In the listing below, find the line containing "line L10 (-694.2446, -1531.9253)" and the line containing "line L28 (-649.1607, -952.4859)". Repeat exactly those two lines and every line between them.
---------- Provided data ----------
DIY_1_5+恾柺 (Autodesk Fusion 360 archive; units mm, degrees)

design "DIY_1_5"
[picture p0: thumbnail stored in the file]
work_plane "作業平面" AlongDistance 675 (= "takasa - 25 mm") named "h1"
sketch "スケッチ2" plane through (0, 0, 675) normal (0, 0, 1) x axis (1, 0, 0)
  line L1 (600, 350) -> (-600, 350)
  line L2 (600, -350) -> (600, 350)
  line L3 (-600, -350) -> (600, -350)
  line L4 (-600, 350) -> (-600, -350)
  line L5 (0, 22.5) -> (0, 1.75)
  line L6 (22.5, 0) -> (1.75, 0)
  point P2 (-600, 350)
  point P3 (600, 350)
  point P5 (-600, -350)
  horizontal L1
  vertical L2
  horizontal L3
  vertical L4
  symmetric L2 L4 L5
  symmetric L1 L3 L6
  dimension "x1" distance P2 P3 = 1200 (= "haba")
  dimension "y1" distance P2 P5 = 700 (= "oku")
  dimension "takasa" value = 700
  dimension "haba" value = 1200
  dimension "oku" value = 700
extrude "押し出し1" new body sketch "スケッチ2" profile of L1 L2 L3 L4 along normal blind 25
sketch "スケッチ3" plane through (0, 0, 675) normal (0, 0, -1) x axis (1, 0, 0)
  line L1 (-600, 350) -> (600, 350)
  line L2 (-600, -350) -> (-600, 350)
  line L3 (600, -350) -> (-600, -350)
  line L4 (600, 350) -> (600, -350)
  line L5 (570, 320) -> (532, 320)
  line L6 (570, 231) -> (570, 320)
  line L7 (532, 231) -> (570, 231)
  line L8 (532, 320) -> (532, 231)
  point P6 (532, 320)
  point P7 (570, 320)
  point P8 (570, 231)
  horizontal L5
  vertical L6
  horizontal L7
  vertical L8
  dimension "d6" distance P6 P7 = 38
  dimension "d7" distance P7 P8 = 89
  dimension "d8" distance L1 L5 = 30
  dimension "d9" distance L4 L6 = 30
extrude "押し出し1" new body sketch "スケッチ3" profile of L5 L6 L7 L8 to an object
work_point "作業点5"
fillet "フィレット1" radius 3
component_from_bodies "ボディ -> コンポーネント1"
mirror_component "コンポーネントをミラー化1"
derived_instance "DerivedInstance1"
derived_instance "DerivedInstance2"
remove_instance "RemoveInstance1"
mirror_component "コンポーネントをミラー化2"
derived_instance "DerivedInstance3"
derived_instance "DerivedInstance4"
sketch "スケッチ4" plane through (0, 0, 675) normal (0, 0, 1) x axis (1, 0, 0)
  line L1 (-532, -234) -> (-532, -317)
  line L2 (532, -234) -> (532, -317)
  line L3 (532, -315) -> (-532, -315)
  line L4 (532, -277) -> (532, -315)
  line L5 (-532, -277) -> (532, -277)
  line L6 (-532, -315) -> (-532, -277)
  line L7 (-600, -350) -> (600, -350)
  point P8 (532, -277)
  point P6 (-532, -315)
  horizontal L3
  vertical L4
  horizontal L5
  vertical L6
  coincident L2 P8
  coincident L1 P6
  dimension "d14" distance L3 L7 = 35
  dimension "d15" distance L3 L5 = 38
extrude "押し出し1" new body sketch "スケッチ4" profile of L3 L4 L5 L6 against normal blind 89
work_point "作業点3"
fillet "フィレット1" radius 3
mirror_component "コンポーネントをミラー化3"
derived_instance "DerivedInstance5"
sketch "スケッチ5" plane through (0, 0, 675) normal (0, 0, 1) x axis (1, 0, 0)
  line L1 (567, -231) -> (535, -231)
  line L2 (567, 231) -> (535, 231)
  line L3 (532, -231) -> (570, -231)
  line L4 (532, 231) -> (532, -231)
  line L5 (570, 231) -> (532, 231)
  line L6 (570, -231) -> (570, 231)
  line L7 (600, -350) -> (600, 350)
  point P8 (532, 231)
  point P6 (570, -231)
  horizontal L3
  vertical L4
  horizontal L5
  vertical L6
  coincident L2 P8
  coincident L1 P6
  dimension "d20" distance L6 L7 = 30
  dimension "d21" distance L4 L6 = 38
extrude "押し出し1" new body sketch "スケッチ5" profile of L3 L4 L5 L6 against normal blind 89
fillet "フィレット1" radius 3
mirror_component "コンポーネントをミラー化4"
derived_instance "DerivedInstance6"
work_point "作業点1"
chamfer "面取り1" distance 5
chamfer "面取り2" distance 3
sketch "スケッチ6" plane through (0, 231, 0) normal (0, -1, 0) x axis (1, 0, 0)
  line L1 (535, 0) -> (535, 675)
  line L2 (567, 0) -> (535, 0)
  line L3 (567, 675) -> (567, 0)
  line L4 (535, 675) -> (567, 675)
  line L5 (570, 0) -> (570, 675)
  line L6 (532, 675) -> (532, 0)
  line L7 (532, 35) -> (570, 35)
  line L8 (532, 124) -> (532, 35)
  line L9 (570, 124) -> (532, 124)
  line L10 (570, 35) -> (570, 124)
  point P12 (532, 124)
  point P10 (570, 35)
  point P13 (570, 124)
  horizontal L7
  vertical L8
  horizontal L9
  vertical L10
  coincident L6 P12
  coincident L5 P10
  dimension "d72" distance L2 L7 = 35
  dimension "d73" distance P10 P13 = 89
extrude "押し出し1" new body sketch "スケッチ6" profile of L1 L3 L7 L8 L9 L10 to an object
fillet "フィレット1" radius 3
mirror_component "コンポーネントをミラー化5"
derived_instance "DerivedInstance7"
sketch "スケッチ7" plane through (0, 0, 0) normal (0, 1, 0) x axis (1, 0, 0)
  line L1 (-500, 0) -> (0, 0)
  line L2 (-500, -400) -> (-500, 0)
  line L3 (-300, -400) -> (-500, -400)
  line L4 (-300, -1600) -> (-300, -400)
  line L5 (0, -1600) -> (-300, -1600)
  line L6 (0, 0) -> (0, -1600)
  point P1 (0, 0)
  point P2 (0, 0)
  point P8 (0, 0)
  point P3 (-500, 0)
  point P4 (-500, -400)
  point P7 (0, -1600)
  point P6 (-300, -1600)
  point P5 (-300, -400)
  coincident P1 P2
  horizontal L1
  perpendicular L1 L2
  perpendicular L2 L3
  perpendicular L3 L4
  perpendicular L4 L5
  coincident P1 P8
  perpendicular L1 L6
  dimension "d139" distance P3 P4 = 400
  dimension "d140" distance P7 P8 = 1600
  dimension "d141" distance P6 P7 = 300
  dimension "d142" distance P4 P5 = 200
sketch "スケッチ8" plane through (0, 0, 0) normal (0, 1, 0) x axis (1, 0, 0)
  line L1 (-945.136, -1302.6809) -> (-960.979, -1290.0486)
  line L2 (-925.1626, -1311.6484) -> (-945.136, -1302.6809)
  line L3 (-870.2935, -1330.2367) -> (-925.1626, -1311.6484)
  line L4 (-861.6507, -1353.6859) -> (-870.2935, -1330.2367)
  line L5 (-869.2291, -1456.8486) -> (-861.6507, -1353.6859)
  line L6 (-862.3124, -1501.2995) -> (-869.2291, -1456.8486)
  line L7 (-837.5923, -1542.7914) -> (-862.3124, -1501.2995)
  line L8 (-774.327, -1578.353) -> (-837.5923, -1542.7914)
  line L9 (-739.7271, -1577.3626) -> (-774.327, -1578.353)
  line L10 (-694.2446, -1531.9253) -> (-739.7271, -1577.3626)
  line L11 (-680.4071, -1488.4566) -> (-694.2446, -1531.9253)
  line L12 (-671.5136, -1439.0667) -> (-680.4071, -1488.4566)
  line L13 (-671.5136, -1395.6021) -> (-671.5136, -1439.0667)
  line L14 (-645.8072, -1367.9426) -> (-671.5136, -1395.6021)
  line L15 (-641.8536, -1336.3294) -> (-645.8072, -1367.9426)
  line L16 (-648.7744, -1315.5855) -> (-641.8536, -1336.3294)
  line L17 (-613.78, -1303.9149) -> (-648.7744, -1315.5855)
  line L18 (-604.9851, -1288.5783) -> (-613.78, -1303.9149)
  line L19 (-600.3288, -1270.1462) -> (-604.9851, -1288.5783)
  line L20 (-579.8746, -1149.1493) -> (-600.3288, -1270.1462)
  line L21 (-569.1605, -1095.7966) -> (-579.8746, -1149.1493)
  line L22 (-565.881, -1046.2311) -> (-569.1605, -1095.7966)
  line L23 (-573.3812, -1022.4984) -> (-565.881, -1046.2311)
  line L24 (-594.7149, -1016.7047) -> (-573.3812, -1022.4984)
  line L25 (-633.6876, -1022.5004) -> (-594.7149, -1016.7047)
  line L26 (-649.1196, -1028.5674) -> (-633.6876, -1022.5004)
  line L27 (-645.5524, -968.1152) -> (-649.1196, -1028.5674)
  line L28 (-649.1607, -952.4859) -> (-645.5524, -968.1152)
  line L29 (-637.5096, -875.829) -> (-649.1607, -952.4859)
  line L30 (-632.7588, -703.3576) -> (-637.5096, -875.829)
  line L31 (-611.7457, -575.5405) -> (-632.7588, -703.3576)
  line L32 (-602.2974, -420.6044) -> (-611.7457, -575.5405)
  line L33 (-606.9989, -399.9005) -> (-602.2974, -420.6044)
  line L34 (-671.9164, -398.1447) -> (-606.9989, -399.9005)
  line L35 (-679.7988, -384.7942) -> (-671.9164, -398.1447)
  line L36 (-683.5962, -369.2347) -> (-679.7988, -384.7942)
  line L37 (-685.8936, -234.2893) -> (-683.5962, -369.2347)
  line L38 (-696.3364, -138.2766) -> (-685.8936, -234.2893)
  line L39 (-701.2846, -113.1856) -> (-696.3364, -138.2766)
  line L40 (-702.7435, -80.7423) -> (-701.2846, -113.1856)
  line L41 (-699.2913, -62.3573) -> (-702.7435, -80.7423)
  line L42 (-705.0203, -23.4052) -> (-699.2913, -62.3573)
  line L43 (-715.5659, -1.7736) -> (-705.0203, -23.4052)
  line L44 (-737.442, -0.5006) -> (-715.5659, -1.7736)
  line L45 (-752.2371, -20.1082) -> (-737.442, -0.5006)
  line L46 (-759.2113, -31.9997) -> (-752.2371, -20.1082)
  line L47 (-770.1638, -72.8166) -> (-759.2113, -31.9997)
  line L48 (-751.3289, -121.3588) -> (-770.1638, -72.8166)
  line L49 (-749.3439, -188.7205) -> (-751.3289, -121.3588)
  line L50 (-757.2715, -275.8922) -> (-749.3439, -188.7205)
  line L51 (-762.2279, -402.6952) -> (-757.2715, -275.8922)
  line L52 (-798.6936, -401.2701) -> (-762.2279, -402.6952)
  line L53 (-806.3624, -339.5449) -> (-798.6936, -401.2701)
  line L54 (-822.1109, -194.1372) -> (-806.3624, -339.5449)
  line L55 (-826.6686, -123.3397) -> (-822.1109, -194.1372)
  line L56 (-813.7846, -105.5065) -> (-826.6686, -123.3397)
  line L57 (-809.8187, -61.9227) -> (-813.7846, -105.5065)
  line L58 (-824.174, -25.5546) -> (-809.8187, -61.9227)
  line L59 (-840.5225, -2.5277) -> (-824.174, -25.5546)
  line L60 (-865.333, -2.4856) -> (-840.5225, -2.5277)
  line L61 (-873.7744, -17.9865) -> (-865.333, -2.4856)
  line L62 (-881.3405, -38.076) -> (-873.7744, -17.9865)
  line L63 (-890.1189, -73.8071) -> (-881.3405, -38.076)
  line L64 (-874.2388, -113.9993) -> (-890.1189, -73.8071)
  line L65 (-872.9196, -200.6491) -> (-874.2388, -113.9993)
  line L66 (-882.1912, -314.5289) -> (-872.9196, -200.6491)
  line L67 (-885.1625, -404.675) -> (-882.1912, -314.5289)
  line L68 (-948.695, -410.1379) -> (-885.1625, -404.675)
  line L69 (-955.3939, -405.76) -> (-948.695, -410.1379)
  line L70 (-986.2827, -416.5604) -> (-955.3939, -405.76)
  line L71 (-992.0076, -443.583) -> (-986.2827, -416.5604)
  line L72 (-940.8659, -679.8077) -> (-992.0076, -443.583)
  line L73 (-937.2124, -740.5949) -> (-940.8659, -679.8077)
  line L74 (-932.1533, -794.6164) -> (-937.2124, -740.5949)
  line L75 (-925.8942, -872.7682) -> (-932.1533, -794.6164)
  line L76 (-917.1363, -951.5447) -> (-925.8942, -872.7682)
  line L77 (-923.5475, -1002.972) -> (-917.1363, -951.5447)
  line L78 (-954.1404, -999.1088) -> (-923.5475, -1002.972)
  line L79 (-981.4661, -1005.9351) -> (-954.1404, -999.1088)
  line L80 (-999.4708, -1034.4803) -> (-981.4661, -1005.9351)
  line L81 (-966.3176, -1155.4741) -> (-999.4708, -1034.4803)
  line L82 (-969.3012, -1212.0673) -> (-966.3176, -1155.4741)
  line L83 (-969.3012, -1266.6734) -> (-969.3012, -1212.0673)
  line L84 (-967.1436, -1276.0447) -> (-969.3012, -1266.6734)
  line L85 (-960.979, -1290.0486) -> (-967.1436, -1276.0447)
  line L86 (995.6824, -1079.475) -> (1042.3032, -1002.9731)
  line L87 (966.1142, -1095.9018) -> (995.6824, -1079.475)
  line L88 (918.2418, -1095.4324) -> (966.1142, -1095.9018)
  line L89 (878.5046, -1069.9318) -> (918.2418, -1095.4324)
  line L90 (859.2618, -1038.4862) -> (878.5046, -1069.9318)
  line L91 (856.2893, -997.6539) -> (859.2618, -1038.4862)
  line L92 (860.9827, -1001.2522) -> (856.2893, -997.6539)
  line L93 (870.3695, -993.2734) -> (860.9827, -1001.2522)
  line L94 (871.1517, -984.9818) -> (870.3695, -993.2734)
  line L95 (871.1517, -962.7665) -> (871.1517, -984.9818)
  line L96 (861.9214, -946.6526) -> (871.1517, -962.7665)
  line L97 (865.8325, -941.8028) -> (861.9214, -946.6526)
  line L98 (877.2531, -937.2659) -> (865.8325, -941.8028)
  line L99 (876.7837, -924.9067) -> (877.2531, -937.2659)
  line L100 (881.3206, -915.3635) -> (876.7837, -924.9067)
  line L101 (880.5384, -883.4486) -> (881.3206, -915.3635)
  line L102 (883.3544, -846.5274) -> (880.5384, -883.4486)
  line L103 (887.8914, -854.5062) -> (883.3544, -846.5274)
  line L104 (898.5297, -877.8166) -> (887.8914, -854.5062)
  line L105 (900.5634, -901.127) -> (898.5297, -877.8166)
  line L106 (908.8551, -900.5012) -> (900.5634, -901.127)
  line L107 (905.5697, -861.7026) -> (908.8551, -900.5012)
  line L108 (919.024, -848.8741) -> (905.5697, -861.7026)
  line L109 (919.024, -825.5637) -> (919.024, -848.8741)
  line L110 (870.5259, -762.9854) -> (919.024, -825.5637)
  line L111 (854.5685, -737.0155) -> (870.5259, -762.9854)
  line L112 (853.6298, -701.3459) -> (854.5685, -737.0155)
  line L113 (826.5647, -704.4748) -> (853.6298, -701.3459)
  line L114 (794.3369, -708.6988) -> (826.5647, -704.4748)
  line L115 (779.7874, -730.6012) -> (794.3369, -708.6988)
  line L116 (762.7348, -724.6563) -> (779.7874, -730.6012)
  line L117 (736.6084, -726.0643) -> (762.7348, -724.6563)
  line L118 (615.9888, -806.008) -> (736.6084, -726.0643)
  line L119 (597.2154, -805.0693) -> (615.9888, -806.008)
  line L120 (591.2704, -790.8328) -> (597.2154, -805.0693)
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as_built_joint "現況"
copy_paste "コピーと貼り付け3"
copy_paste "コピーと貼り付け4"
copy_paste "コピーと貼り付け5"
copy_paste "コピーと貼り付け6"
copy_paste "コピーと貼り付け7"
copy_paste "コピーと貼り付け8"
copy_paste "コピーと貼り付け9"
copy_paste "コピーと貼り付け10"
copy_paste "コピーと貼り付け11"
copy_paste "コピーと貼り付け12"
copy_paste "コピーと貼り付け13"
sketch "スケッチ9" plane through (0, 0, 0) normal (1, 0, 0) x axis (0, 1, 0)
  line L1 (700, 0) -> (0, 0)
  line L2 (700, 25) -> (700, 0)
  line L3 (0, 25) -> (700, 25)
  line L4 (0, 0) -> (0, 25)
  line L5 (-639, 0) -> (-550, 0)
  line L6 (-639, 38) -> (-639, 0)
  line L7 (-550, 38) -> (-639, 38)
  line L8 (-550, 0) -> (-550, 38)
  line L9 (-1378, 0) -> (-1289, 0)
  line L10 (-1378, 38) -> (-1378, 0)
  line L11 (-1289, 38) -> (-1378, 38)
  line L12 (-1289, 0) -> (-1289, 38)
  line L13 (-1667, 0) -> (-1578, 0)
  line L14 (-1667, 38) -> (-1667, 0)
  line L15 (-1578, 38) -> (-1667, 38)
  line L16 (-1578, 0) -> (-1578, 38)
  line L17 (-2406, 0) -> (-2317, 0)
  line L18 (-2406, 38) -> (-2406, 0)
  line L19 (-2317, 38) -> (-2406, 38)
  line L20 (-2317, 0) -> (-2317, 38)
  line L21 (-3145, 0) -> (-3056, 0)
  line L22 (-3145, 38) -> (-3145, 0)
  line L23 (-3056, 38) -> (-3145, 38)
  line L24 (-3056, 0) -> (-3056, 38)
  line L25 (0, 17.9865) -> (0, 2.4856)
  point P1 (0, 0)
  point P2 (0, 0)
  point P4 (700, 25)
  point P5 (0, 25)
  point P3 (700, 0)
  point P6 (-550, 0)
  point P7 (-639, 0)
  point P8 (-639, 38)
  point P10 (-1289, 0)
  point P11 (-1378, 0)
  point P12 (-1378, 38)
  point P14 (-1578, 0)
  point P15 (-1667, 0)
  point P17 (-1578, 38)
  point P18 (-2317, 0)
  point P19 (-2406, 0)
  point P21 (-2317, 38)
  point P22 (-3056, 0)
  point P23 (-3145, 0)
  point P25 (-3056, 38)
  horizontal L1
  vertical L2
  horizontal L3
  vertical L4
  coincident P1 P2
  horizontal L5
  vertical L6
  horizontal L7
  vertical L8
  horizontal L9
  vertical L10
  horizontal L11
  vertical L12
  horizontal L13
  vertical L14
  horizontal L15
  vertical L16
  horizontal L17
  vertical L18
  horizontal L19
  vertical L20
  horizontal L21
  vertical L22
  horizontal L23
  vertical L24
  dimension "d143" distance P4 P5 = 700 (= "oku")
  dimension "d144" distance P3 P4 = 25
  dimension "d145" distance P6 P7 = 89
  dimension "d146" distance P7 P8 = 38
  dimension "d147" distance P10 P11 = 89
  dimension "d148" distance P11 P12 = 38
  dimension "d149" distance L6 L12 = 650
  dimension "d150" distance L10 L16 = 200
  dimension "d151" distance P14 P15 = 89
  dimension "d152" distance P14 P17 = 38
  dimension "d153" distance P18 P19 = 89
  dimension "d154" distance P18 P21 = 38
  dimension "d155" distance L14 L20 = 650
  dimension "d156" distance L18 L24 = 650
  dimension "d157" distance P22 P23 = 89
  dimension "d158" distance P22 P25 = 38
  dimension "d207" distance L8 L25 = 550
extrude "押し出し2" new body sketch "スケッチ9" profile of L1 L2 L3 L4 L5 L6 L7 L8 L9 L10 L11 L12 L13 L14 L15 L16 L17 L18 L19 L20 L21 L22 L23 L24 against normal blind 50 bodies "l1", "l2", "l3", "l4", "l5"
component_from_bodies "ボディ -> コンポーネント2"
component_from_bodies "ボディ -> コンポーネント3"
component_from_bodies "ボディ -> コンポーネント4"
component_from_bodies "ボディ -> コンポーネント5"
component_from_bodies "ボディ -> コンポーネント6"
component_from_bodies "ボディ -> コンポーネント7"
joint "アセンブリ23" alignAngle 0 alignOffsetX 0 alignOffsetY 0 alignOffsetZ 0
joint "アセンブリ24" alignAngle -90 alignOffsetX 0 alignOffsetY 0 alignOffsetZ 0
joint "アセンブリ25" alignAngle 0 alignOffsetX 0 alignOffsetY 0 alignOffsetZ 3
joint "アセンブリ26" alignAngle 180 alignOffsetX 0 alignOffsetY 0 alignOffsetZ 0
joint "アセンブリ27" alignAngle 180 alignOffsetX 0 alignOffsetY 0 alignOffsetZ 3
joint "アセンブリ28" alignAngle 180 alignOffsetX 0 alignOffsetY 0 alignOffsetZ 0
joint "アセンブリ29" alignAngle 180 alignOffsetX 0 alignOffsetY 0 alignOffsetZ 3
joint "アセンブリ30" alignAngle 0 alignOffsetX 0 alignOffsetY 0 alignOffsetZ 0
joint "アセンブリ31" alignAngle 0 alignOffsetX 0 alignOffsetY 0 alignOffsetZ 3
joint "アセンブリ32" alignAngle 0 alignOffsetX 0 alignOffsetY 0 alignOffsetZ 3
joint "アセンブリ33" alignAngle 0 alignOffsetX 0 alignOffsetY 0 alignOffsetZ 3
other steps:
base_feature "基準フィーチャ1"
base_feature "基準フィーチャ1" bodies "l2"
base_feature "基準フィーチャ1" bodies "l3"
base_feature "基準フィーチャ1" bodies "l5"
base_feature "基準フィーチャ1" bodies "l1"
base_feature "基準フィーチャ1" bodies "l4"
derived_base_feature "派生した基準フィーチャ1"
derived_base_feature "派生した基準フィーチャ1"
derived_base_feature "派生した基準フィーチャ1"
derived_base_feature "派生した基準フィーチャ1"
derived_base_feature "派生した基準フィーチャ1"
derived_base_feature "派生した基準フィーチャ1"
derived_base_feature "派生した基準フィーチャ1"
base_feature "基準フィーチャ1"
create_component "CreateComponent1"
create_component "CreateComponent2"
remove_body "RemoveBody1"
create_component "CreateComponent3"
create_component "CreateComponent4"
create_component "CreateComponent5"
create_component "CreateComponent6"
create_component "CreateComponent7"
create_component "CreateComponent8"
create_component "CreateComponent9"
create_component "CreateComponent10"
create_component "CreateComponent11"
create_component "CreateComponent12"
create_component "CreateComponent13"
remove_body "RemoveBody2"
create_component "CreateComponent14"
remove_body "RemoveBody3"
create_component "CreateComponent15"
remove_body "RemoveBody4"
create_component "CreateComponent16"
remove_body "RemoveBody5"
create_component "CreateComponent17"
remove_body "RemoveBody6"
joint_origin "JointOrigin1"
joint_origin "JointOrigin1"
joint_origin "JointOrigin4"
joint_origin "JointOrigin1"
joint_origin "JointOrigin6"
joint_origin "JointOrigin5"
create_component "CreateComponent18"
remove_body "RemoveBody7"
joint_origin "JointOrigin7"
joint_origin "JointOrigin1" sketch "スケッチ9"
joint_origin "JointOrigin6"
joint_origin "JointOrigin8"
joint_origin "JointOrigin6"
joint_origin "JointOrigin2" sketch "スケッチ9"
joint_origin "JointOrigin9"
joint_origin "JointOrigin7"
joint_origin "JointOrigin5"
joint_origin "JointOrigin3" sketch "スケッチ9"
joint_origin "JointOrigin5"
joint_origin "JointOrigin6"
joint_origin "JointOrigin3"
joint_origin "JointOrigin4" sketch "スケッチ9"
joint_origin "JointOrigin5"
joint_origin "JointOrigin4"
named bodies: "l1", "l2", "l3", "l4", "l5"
----------
■ Exercise output
  line L10 (-694.2446, -1531.9253) -> (-739.7271, -1577.3626)
  line L11 (-680.4071, -1488.4566) -> (-694.2446, -1531.9253)
  line L12 (-671.5136, -1439.0667) -> (-680.4071, -1488.4566)
  line L13 (-671.5136, -1395.6021) -> (-671.5136, -1439.0667)
  line L14 (-645.8072, -1367.9426) -> (-671.5136, -1395.6021)
  line L15 (-641.8536, -1336.3294) -> (-645.8072, -1367.9426)
  line L16 (-648.7744, -1315.5855) -> (-641.8536, -1336.3294)
  line L17 (-613.78, -1303.9149) -> (-648.7744, -1315.5855)
  line L18 (-604.9851, -1288.5783) -> (-613.78, -1303.9149)
  line L19 (-600.3288, -1270.1462) -> (-604.9851, -1288.5783)
  line L20 (-579.8746, -1149.1493) -> (-600.3288, -1270.1462)
  line L21 (-569.1605, -1095.7966) -> (-579.8746, -1149.1493)
  line L22 (-565.881, -1046.2311) -> (-569.1605, -1095.7966)
  line L23 (-573.3812, -1022.4984) -> (-565.881, -1046.2311)
  line L24 (-594.7149, -1016.7047) -> (-573.3812, -1022.4984)
  line L25 (-633.6876, -1022.5004) -> (-594.7149, -1016.7047)
  line L26 (-649.1196, -1028.5674) -> (-633.6876, -1022.5004)
  line L27 (-645.5524, -968.1152) -> (-649.1196, -1028.5674)
  line L28 (-649.1607, -952.4859) -> (-645.5524, -968.1152)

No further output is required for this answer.